We are leaving the fence but the stump is no longer there.  We were doing shutters (I was also considering window trim as I like it better than shutters).  I was noticing that many had a gable to when I was snapping photos.  Thanks for your help!


----------



## nealtw (Jul 19, 2017)

aftons1983 said:


> We are leaving the fence but the stump is no longer there.  We were doing shutters (I was also considering window trim as I like it better than shutters).  I was noticing that many had a gable to when I was snapping photos.  Thanks for your help!



If you had to do a new roof, the gable over the porch would be good plus.
I don't think you can get a window trim in there but shutters will add that little bit of interest.


----------



## aftons1983 (Jul 19, 2017)

Okay great thank you!


----------



## jeffmattero76 (Jul 20, 2017)

Personally, I would NEVER buy a brick home where the bricks were painted. To me, that is a huge negative to the value of the house. It becomes a maintenance headache on what should be a more or less maintenance free exterior. Powerwash and clean it rather than paont it in my opinion.


----------



## aftons1983 (Jul 21, 2017)

Yes I feel the same way.  I just do not think most first time home buyers will think that and I am trying to cater to them.  I am afraid they will see the outdated brick of their childhood home era.  We are leaning toward not doing the brick but I am still afraid it is a mistake.  We shall see.  Thanks for your advice


----------



## bud16415 (Jul 21, 2017)

What make you think the first-time buyer will be your target. I see an older person or couple downsizing just as easily. That age group will be cash in hand and know what they want. 

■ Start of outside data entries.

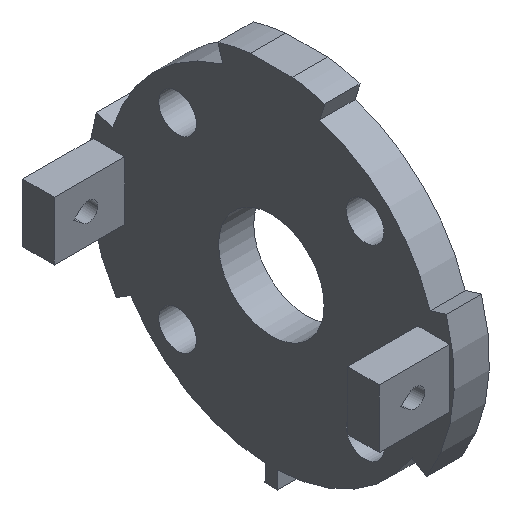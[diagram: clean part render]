
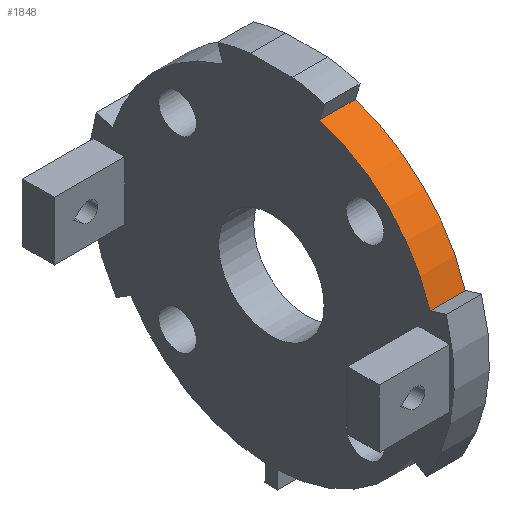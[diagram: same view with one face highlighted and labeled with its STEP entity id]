
A CAD part, isometric view. The second image highlights one B-rep face of the part: STEP entity #1848.
In plain terms, the highlighted cylindrical face has radius 14.15 mm (diameter 28.3 mm), a partial arc.
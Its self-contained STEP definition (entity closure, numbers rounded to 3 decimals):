
#71 = PLANE('',#72);
#72 = AXIS2_PLACEMENT_3D('',#73,#74,#75);
#73 = CARTESIAN_POINT('',(445.6,0.,0.));
#74 = DIRECTION('',(1.,0.,0.));
#75 = DIRECTION('',(-0.,0.,1.));
#124 = PLANE('',#125);
#125 = AXIS2_PLACEMENT_3D('',#126,#127,#128);
#126 = CARTESIAN_POINT('',(442.6,0.,0.));
#127 = DIRECTION('',(1.,0.,0.));
#128 = DIRECTION('',(-0.,0.,1.));
#341 = VERTEX_POINT('',#342);
#342 = CARTESIAN_POINT('',(442.6,-4.137,13.532));
#355 = PLANE('',#356);
#356 = AXIS2_PLACEMENT_3D('',#357,#358,#359);
#357 = CARTESIAN_POINT('',(441.6,0.,0.));
#358 = DIRECTION('',(0.,-0.956,-0.292));
#359 = DIRECTION('',(0.,-0.292,0.956));
#366 = EDGE_CURVE('',#341,#367,#369,.T.);
#367 = VERTEX_POINT('',#368);
#368 = CARTESIAN_POINT('',(442.6,-13.532,4.137));
#369 = SURFACE_CURVE('',#370,(#375,#382),.PCURVE_S1.);
#370 = CIRCLE('',#371,14.15);
#371 = AXIS2_PLACEMENT_3D('',#372,#373,#374);
#372 = CARTESIAN_POINT('',(442.6,0.,0.));
#373 = DIRECTION('',(1.,0.,0.));
#374 = DIRECTION('',(-0.,0.,1.));
#375 = PCURVE('',#124,#376);
#376 = DEFINITIONAL_REPRESENTATION('',(#377),#381);
#377 = CIRCLE('',#378,14.15);
#378 = AXIS2_PLACEMENT_2D('',#379,#380);
#379 = CARTESIAN_POINT('',(0.,0.));
#380 = DIRECTION('',(1.,0.));
#381 = ( GEOMETRIC_REPRESENTATION_CONTEXT(2) 
PARAMETRIC_REPRESENTATION_CONTEXT() REPRESENTATION_CONTEXT('2D SPACE',''
  ) );
#382 = PCURVE('',#383,#388);
#383 = CYLINDRICAL_SURFACE('',#384,14.15);
#384 = AXIS2_PLACEMENT_3D('',#385,#386,#387);
#385 = CARTESIAN_POINT('',(440.6,0.,0.));
#386 = DIRECTION('',(1.,0.,0.));
#387 = DIRECTION('',(-0.,0.,1.));
#388 = DEFINITIONAL_REPRESENTATION('',(#389),#393);
#389 = LINE('',#390,#391);
#390 = CARTESIAN_POINT('',(0.,2.));
#391 = VECTOR('',#392,1.);
#392 = DIRECTION('',(1.,0.));
#393 = ( GEOMETRIC_REPRESENTATION_CONTEXT(2) 
PARAMETRIC_REPRESENTATION_CONTEXT() REPRESENTATION_CONTEXT('2D SPACE',''
  ) );
#410 = PLANE('',#411);
#411 = AXIS2_PLACEMENT_3D('',#412,#413,#414);
#412 = CARTESIAN_POINT('',(441.6,-28.689,8.771));
#413 = DIRECTION('',(-0.,0.292,0.956));
#414 = DIRECTION('',(0.,0.956,-0.292));
#1151 = VERTEX_POINT('',#1152);
#1152 = CARTESIAN_POINT('',(445.6,-4.137,13.532));
#1171 = EDGE_CURVE('',#1151,#1172,#1174,.T.);
#1172 = VERTEX_POINT('',#1173);
#1173 = CARTESIAN_POINT('',(445.6,-13.532,4.137));
#1174 = SURFACE_CURVE('',#1175,(#1180,#1187),.PCURVE_S1.);
#1175 = CIRCLE('',#1176,14.15);
#1176 = AXIS2_PLACEMENT_3D('',#1177,#1178,#1179);
#1177 = CARTESIAN_POINT('',(445.6,0.,0.));
#1178 = DIRECTION('',(1.,0.,0.));
#1179 = DIRECTION('',(-0.,0.,1.));
#1180 = PCURVE('',#71,#1181);
#1181 = DEFINITIONAL_REPRESENTATION('',(#1182),#1186);
#1182 = CIRCLE('',#1183,14.15);
#1183 = AXIS2_PLACEMENT_2D('',#1184,#1185);
#1184 = CARTESIAN_POINT('',(0.,0.));
#1185 = DIRECTION('',(1.,0.));
#1186 = ( GEOMETRIC_REPRESENTATION_CONTEXT(2) 
PARAMETRIC_REPRESENTATION_CONTEXT() REPRESENTATION_CONTEXT('2D SPACE',''
  ) );
#1187 = PCURVE('',#383,#1188);
#1188 = DEFINITIONAL_REPRESENTATION('',(#1189),#1193);
#1189 = LINE('',#1190,#1191);
#1190 = CARTESIAN_POINT('',(0.,5.));
#1191 = VECTOR('',#1192,1.);
#1192 = DIRECTION('',(1.,0.));
#1193 = ( GEOMETRIC_REPRESENTATION_CONTEXT(2) 
PARAMETRIC_REPRESENTATION_CONTEXT() REPRESENTATION_CONTEXT('2D SPACE',''
  ) );
#1803 = EDGE_CURVE('',#341,#1151,#1804,.T.);
#1804 = SURFACE_CURVE('',#1805,(#1809,#1815),.PCURVE_S1.);
#1805 = LINE('',#1806,#1807);
#1806 = CARTESIAN_POINT('',(440.6,-4.137,13.532));
#1807 = VECTOR('',#1808,1.);
#1808 = DIRECTION('',(1.,0.,0.));
#1809 = PCURVE('',#355,#1810);
#1810 = DEFINITIONAL_REPRESENTATION('',(#1811),#1814);
#1811 = B_SPLINE_CURVE_WITH_KNOTS('',1,(#1812,#1813),.UNSPECIFIED.,.F.,
  .F.,(2,2),(0.5,6.5),.PIECEWISE_BEZIER_KNOTS.);
#1812 = CARTESIAN_POINT('',(14.15,0.5));
#1813 = CARTESIAN_POINT('',(14.15,-5.5));
#1814 = ( GEOMETRIC_REPRESENTATION_CONTEXT(2) 
PARAMETRIC_REPRESENTATION_CONTEXT() REPRESENTATION_CONTEXT('2D SPACE',''
  ) );
#1815 = PCURVE('',#383,#1816);
#1816 = DEFINITIONAL_REPRESENTATION('',(#1817),#1820);
#1817 = B_SPLINE_CURVE_WITH_KNOTS('',1,(#1818,#1819),.UNSPECIFIED.,.F.,
  .F.,(2,2),(0.5,6.5),.PIECEWISE_BEZIER_KNOTS.);
#1818 = CARTESIAN_POINT('',(0.297,0.5));
#1819 = CARTESIAN_POINT('',(0.297,6.5));
#1820 = ( GEOMETRIC_REPRESENTATION_CONTEXT(2) 
PARAMETRIC_REPRESENTATION_CONTEXT() REPRESENTATION_CONTEXT('2D SPACE',''
  ) );
#1848 = ADVANCED_FACE('',(#1849),#383,.T.);
#1849 = FACE_BOUND('',#1850,.T.);
#1850 = EDGE_LOOP('',(#1851,#1852,#1853,#1872));
#1851 = ORIENTED_EDGE('',*,*,#1803,.F.);
#1852 = ORIENTED_EDGE('',*,*,#366,.T.);
#1853 = ORIENTED_EDGE('',*,*,#1854,.T.);
#1854 = EDGE_CURVE('',#367,#1172,#1855,.T.);
#1855 = SURFACE_CURVE('',#1856,(#1860,#1866),.PCURVE_S1.);
#1856 = LINE('',#1857,#1858);
#1857 = CARTESIAN_POINT('',(440.6,-13.532,4.137));
#1858 = VECTOR('',#1859,1.);
#1859 = DIRECTION('',(1.,0.,0.));
#1860 = PCURVE('',#383,#1861);
#1861 = DEFINITIONAL_REPRESENTATION('',(#1862),#1865);
#1862 = B_SPLINE_CURVE_WITH_KNOTS('',1,(#1863,#1864),.UNSPECIFIED.,.F.,
  .F.,(2,2),(0.5,6.5),.PIECEWISE_BEZIER_KNOTS.);
#1863 = CARTESIAN_POINT('',(1.274,0.5));
#1864 = CARTESIAN_POINT('',(1.274,6.5));
#1865 = ( GEOMETRIC_REPRESENTATION_CONTEXT(2) 
PARAMETRIC_REPRESENTATION_CONTEXT() REPRESENTATION_CONTEXT('2D SPACE',''
  ) );
#1866 = PCURVE('',#410,#1867);
#1867 = DEFINITIONAL_REPRESENTATION('',(#1868),#1871);
#1868 = B_SPLINE_CURVE_WITH_KNOTS('',1,(#1869,#1870),.UNSPECIFIED.,.F.,
  .F.,(2,2),(0.5,6.5),.PIECEWISE_BEZIER_KNOTS.);
#1869 = CARTESIAN_POINT('',(15.85,0.5));
#1870 = CARTESIAN_POINT('',(15.85,-5.5));
#1871 = ( GEOMETRIC_REPRESENTATION_CONTEXT(2) 
PARAMETRIC_REPRESENTATION_CONTEXT() REPRESENTATION_CONTEXT('2D SPACE',''
  ) );
#1872 = ORIENTED_EDGE('',*,*,#1171,.F.);

Flipping houses is not at all the TV show version.


----------



## aftons1983 (Jul 21, 2017)

Yes good point.  The buyers in this particular area seem to be young and first time buyers.  I am sure that changes for more expensive homes.  We have a lot of town homes and that seems to be what older downsizing people go for.  The town homes go really cheap too.  While it is possible an older person who cares more about maintenance than modern might be interested, they will be the minority.  Like I said we are shying away from the painting mainly because of the price and my dad hating the idea (him having that mentality of what he would want done to brick on his own house).  Dad thinks the gable will update the home more than paint will so we are going to do that instead I think.  Then we are tearing down ugly carport, putting a metal roof (current roof is not old but has some missing shingles and is ugly chicken house looking light grey shingles), redoing the rough looking porch (although not exactly sure how yet), replacing wood with vinyl siding (on side of house you cannot see in pic), putting cement patio out back, and putting some shrubs in front of home.  Hopefully this will be enough and I will send a pic update when finished.  Hopefully this will help more people in the future trying to modernize a brick ranch.  However if anybody thinks I am messing up or has any other ides, please share.  Thanks!


----------



## bud16415 (Jul 21, 2017)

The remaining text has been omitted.